What the exercise asks »
Leaving out all pictures, give again each line exactly, from the start of the listing through the line that contains "elements below it])".

+++ Listed records +++

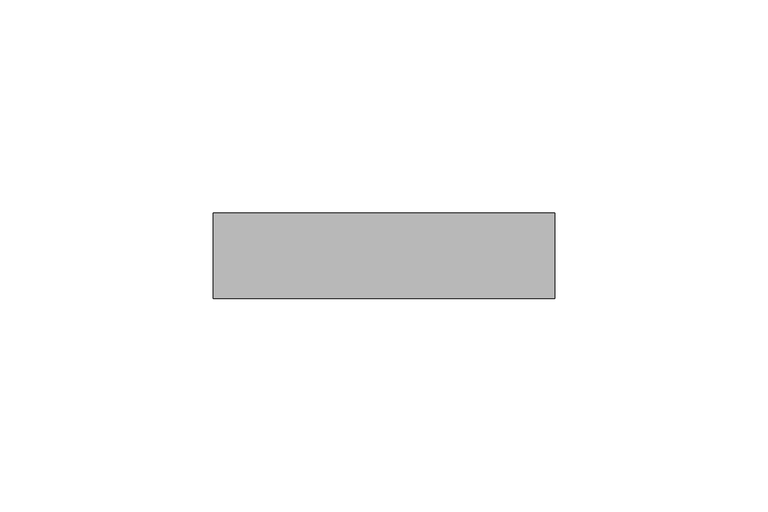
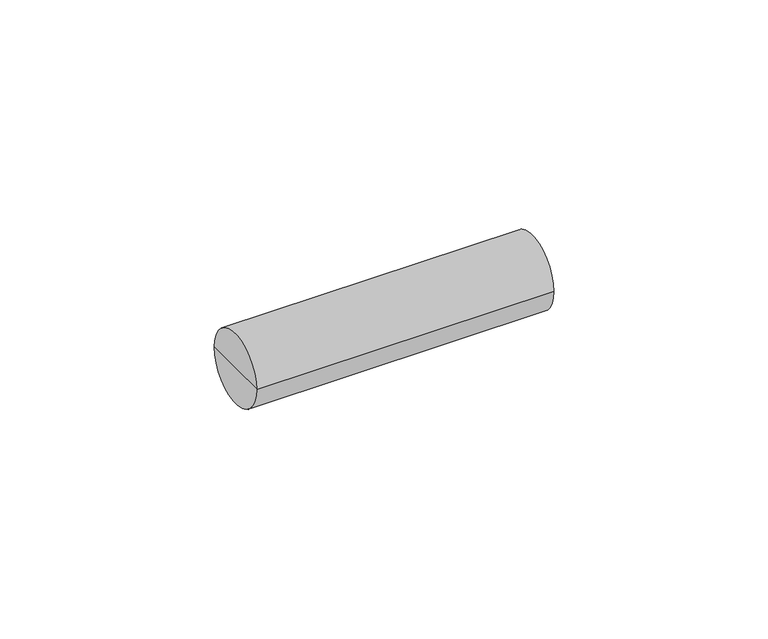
"""IFC4 building model written with IfcOpenShell, lengths in millimetres: cable carrier fitting geometry, Муфта прямая труба-труба армированная IP65 GA : CTA10D-GA16-K41-050."""

import ifcopenshell
import ifcopenshell.guid

model = None  # the IFC model being written
_history = None  # IfcOwnerHistory: only IFC2X3 demands one
_inside = {}  # id of a spatial element -> (the spatial element, [elements in it])
_under = {}  # id of a project, library or spatial element -> (it, [spatial elements below it])
_declared = {}  # id of a project -> (the project, [libraries it declares])
_typed = {}  # id of a type object -> (the type object, [elements of that type])
_made_of = {}  # id of a material, layer set ... -> (it, [elements and type objects made of it])


def new_model(schema):
    """Start an empty IFC model of exactly this schema.

    Asked for "IFC4X3", IfcOpenShell would pick the latest addendum, in which some entities
    have other attributes; the version numbers below select the first issue.
    IFC2X3 requires an IfcOwnerHistory on every rooted entity: one is made here for all.
    """
    global model, _history
    if schema == "IFC4X3":
        model = ifcopenshell.file(schema_version=(4, 3, 0, 0))
    else:
        model = ifcopenshell.file(schema=schema)
    _inside.clear()
    _under.clear()
    _declared.clear()
    _typed.clear()
    _made_of.clear()
    _history = None
    if model.schema == "IFC2X3":
        org = make("IfcOrganization", Name="unknown")
        user = make(
            "IfcPersonAndOrganization",
            ThePerson=make("IfcPerson", FamilyName="unknown"),
            TheOrganization=org,
        )
        app = make(
            "IfcApplication",
            ApplicationDeveloper=org,
            Version="unknown",
            ApplicationFullName="unknown",
            ApplicationIdentifier="unknown",
        )
        _history = make(
            "IfcOwnerHistory",
            OwningUser=user,
            OwningApplication=app,
            ChangeAction="ADDED",
            CreationDate=0,
        )
    return model


def make(cls, **values):
    """One entity of the class cls with the attributes given. An attribute that is None is left unset."""
    return model.create_entity(
        cls, **{name: value for name, value in values.items() if value is not None}
    )


def rooted(cls, **values):
    """An entity with a GlobalId (a new one), such as an element, a storey or a relation."""
    return make(cls, GlobalId=ifcopenshell.guid.new(), OwnerHistory=_history, **values)


def si_unit(unit_type, name, prefix=None):
    """IfcSIUnit, for example si_unit("LENGTHUNIT", "METRE", prefix="MILLI")."""
    return make("IfcSIUnit", UnitType=unit_type, Prefix=prefix, Name=name)


def assignment(units):
    """IfcUnitAssignment: the units of a project."""
    return None if units is None else make("IfcUnitAssignment", Units=units)


def point(xyz):
    """IfcCartesianPoint."""
    return None if xyz is None else make("IfcCartesianPoint", Coordinates=xyz)


def direction(xyz):
    """IfcDirection."""
    return None if xyz is None else make("IfcDirection", DirectionRatios=xyz)


def frame(location, z_axis=None, x_axis=None):
    """IfcAxis2Placement3D, a coordinate frame: its origin and axes. An axis left out is left unset."""
    return make(
        "IfcAxis2Placement3D",
        Location=point(location),
        Axis=direction(z_axis),
        RefDirection=direction(x_axis),
    )


def origin():
    """The frame at (0, 0, 0) with its axes left unset."""
    return frame((0.0, 0.0, 0.0))


def place(relative_to, where):
    """IfcLocalPlacement: puts the frame where relative to a parent placement (None: the world)."""
    return make(
        "IfcLocalPlacement", PlacementRelTo=relative_to, RelativePlacement=where
    )


def context(
    kind, dimensions, precision=None, world=None, true_north=None, identifier=None
):
    """IfcGeometricRepresentationContext, for example the 3D "Model" context."""
    return make(
        "IfcGeometricRepresentationContext",
        ContextIdentifier=identifier,
        ContextType=kind,
        CoordinateSpaceDimension=dimensions,
        Precision=precision,
        WorldCoordinateSystem=world,
        TrueNorth=true_north,
    )


def project(units=None, contexts=None):
    """IfcProject with its units and contexts."""
    return rooted(
        "IfcProject",
        Name="project",
        RepresentationContexts=contexts,
        UnitsInContext=assignment(units),
    )


def spatial(cls, under=None, at=None, **own):
    """A site, building, storey or space (cls), placed at a placement, below another one or the project."""
    s = rooted(cls, ObjectPlacement=at, **own)
    if under is not None:
        _under.setdefault(under.id(), (under, []))[1].append(s)
    return s


def circle_curve(where, radius):
    """IfcCircle in the frame where."""
    return make("IfcCircle", Position=where, Radius=radius)


def shape(context_of_items, identifier, shape_type, items):
    """IfcShapeRepresentation: the items that make up one representation, for example the "Body"."""
    return make(
        "IfcShapeRepresentation",
        ContextOfItems=context_of_items,
        RepresentationIdentifier=identifier,
        RepresentationType=shape_type,
        Items=items,
    )


def source(mapping_origin, context_of_items, identifier, shape_type, items):
    """IfcRepresentationMap: a shape defined once, which mapped items show again and again."""
    return make(
        "IfcRepresentationMap",
        MappingOrigin=mapping_origin,
        MappedRepresentation=shape(context_of_items, identifier, shape_type, items),
    )


def transform(
    local_origin,
    x_axis=None,
    y_axis=None,
    z_axis=None,
    scale=None,
    scale2=None,
    scale3=None,
    uniform=True,
):
    """IfcCartesianTransformationOperator3D, or its non-uniform kind. x_axis, y_axis, z_axis: its Axis1, 2, 3."""
    if uniform:
        return make(
            "IfcCartesianTransformationOperator3D",
            Axis1=direction(x_axis),
            Axis2=direction(y_axis),
            LocalOrigin=point(local_origin),
            Scale=scale,
            Axis3=direction(z_axis),
        )
    return make(
        "IfcCartesianTransformationOperator3DnonUniform",
        Axis1=direction(x_axis),
        Axis2=direction(y_axis),
        LocalOrigin=point(local_origin),
        Scale=scale,
        Axis3=direction(z_axis),
        Scale2=scale2,
        Scale3=scale3,
    )


def mapped(mapping_source, mapping_target):
    """IfcMappedItem: shows the shape of a source again, moved by a transform."""
    return make(
        "IfcMappedItem", MappingSource=mapping_source, MappingTarget=mapping_target
    )


def made_of(thing, what):
    """Note that an element or type object is made of a material, layer set ...; save() writes the relation."""
    if what is not None:
        _made_of.setdefault(what.id(), (what, []))[1].append(thing)
    return thing


def element(
    cls,
    number,
    at=None,
    inside=None,
    cuts=None,
    type_object=None,
    material=None,
    context=None,
    identifier="Body",
    shape_type=None,
    held_by="IfcProductDefinitionShape",
    body=None,
    shapes=None,
    **own,
):
    """One element of the class cls, such as IfcWall. Its Tag is "e" and its number.

    at: its placement. inside: the storey or other place that contains it. cuts: it is an
    opening in that element (IfcRelVoidsElement). A single representation is given by context,
    identifier, shape_type and body (its items); several are given by shapes. held_by: the class
    of the entity that holds the representations. save() writes the other relations.
    """
    e = rooted(cls, Tag="e%d" % number, ObjectPlacement=at, **own)
    if body is not None:
        shapes = [shape(context, identifier, shape_type, body)]
    if shapes is not None:
        e.Representation = make(held_by, Representations=shapes)
    if inside is not None:
        _inside.setdefault(inside.id(), (inside, []))[1].append(e)
    if cuts is not None:
        rooted(
            "IfcRelVoidsElement", RelatingBuildingElement=cuts, RelatedOpeningElement=e
        )
    if type_object is not None:
        _typed.setdefault(type_object.id(), (type_object, []))[1].append(e)
    return made_of(e, material)


def aggregate(whole, parts):
    """IfcRelAggregates: a whole, such as a stair, and the parts it consists of."""
    return rooted("IfcRelAggregates", RelatingObject=whole, RelatedObjects=parts)


def save(model, path):
    """Write the relations noted so far, then the file.

    IfcRelAggregates (storeys below a building ...), IfcRelContainedInSpatialStructure (elements
    in a storey), IfcRelDefinesByType, IfcRelAssociatesMaterial and IfcRelDeclares: one each for
    every whole, place, type object, material and project.
    """
    for whole, parts in _under.values():
        aggregate(whole, parts)
    for where, things in _inside.values():
        rooted(
            "IfcRelContainedInSpatialStructure",
            RelatedElements=things,
            RelatingStructure=where,
        )
    for kind, things in _typed.values():
        rooted("IfcRelDefinesByType", RelatedObjects=things, RelatingType=kind)
    for what, things in _made_of.values():
        rooted("IfcRelAssociatesMaterial", RelatedObjects=things, RelatingMaterial=what)
    for by, libraries in _declared.values():
        rooted("IfcRelDeclares", RelatingContext=by, RelatedDefinitions=libraries)
    model.write(path)


def plane_surface(at):
    """IfcPlane: the flat surface through the origin of the frame at, square to its z axis."""
    return make("IfcPlane", Position=at)


def cylinder_surface(at, radius):
    """IfcCylindricalSurface: all points at the distance radius from the z axis of the frame at."""
    return make("IfcCylindricalSurface", Position=at, Radius=radius)


def advanced_brep(points, edges, surfaces, faces):
    """IfcAdvancedBrep: a solid bounded by faces that lie on surfaces and meet in shared edges.

    An edge is (start, end): straight between two places in points (the first is 0);
    or (start, end, curve); or (start, end, curve, False) where it runs against its curve.
    A face is (place in surfaces, loops), or (place, loops, False) where it looks against
    its surface's normal. A loop lists edges by number (the first is 1), with a minus sign
    where the edge is run from its end to its start. The first loop is the outer one.
    """
    corners = [point(p) for p in points]
    vertices = [make("IfcVertexPoint", VertexGeometry=c) for c in corners]
    made = []
    for start, end, *more in edges:
        made.append(
            make(
                "IfcEdgeCurve",
                EdgeStart=vertices[start],
                EdgeEnd=vertices[end],
                EdgeGeometry=more[0] if more else make("IfcPolyline", Points=[corners[start], corners[end]]),
                SameSense=more[1] if len(more) > 1 else True,
            )
        )
    hull = []
    for where, loops, *sense in faces:
        bounds = []
        for j, loop in enumerate(loops):
            ring = [make("IfcOrientedEdge", EdgeElement=made[abs(k) - 1], Orientation=k > 0) for k in loop]
            bounds.append(
                make(
                    "IfcFaceOuterBound" if j == 0 else "IfcFaceBound",
                    Bound=make("IfcEdgeLoop", EdgeList=ring),
                    Orientation=True,
                )
            )
        hull.append(make("IfcAdvancedFace", Bounds=bounds, FaceSurface=surfaces[where], SameSense=sense[0] if sense else True))
    return make("IfcAdvancedBrep", Outer=make("IfcClosedShell", CfsFaces=hull))


def cable_carrier_fitting_7ef405d8(model_context):
    return source(origin(), model_context, "Body", "AdvancedBrep", [
        advanced_brep(
        [(-40.0, -10.0, 0.0), (-40.0, 10.0, 0.0), (40.0, 10.0, 0.0), (40.0, -10.0, 0.0), (-40.0, 0.0, 0.0), (40.0, 0.0, 0.0)],
        [
            (0, 1, circle_curve(frame((-40.0, 0.0, 0.0), z_axis=(1.0, 0.0, 0.0), x_axis=(0.0, 1.0, 0.0)), 10.0)),
            (1, 2),
            (2, 3, circle_curve(frame((40.0, 0.0, 0.0), z_axis=(-1.0, 0.0, 0.0), x_axis=(0.0, 1.0, 0.0)), 10.0)),
            (3, 0),
            (1, 0, circle_curve(frame((-40.0, 0.0, 0.0), z_axis=(1.0, 0.0, 0.0), x_axis=(0.0, 1.0, 0.0)), 10.0)),
            (3, 2, circle_curve(frame((40.0, 0.0, 0.0), z_axis=(-1.0, 0.0, 0.0), x_axis=(0.0, 1.0, 0.0)), 10.0)),
            (4, 1),
            (0, 4),
            (2, 5),
            (5, 3),
        ],
        [
            cylinder_surface(frame((1965.0, 0.0, 0.0), z_axis=(-1.0, 0.0, 0.0), x_axis=(0.0, 1.0, 0.0)), 10.0),
            plane_surface(frame((-40.0, 0.0, 0.0), z_axis=(-1.0, 0.0, 0.0), x_axis=(0.0, 1.0, 0.0))),
            plane_surface(frame((40.0, 0.0, 0.0), z_axis=(1.0, 0.0, 0.0), x_axis=(0.0, 1.0, 0.0))),
        ],
        [
            (0, [[1, 2, 3, 4]]),
            (0, [[5, -4, 6, -2]]),
            (1, [[7, -1, 8]]),
            (1, [[-8, -5, -7]]),
            (2, [[-3, 9, 10]]),
            (2, [[-6, -10, -9]]),
        ],
    ),
    ])


if __name__ == "__main__":
    model = new_model("IFC4")
    model_context = context("Model", 3, world=origin())
    ifc_project = project(units=[si_unit("LENGTHUNIT", "METRE", prefix="MILLI")], contexts=[model_context])
    site = spatial("IfcSite", under=ifc_project)
    building = spatial("IfcBuilding", under=site)
    placement = place(None, origin())
    cable_carrier_fitting_shape = cable_carrier_fitting_7ef405d8(model_context)
    element("IfcCableCarrierFitting", 1, ObjectType="Муфта прямая труба-труба армированная IP65 GA : CTA10D-GA16-K41-050", at=placement, inside=building, context=model_context, shape_type="MappedRepresentation", body=[
        mapped(cable_carrier_fitting_shape, transform((0.0, 0.0, 0.0), x_axis=(1.0, 0.0, 0.0), y_axis=(0.0, 1.0, 0.0), z_axis=(0.0, 0.0, 1.0))),
    ])
    save(model, "model.ifc")

+++

Exercise output »
"""IFC4 building model written with IfcOpenShell, lengths in millimetres: cable carrier fitting geometry, Муфта прямая труба-труба армированная IP65 GA : CTA10D-GA16-K41-050."""

import ifcopenshell
import ifcopenshell.guid

model = None  # the IFC model being written
_history = None  # IfcOwnerHistory: only IFC2X3 demands one
_inside = {}  # id of a spatial element -> (the spatial element, [elements in it])
_under = {}  # id of a project, library or spatial element -> (it, [spatial elements below it])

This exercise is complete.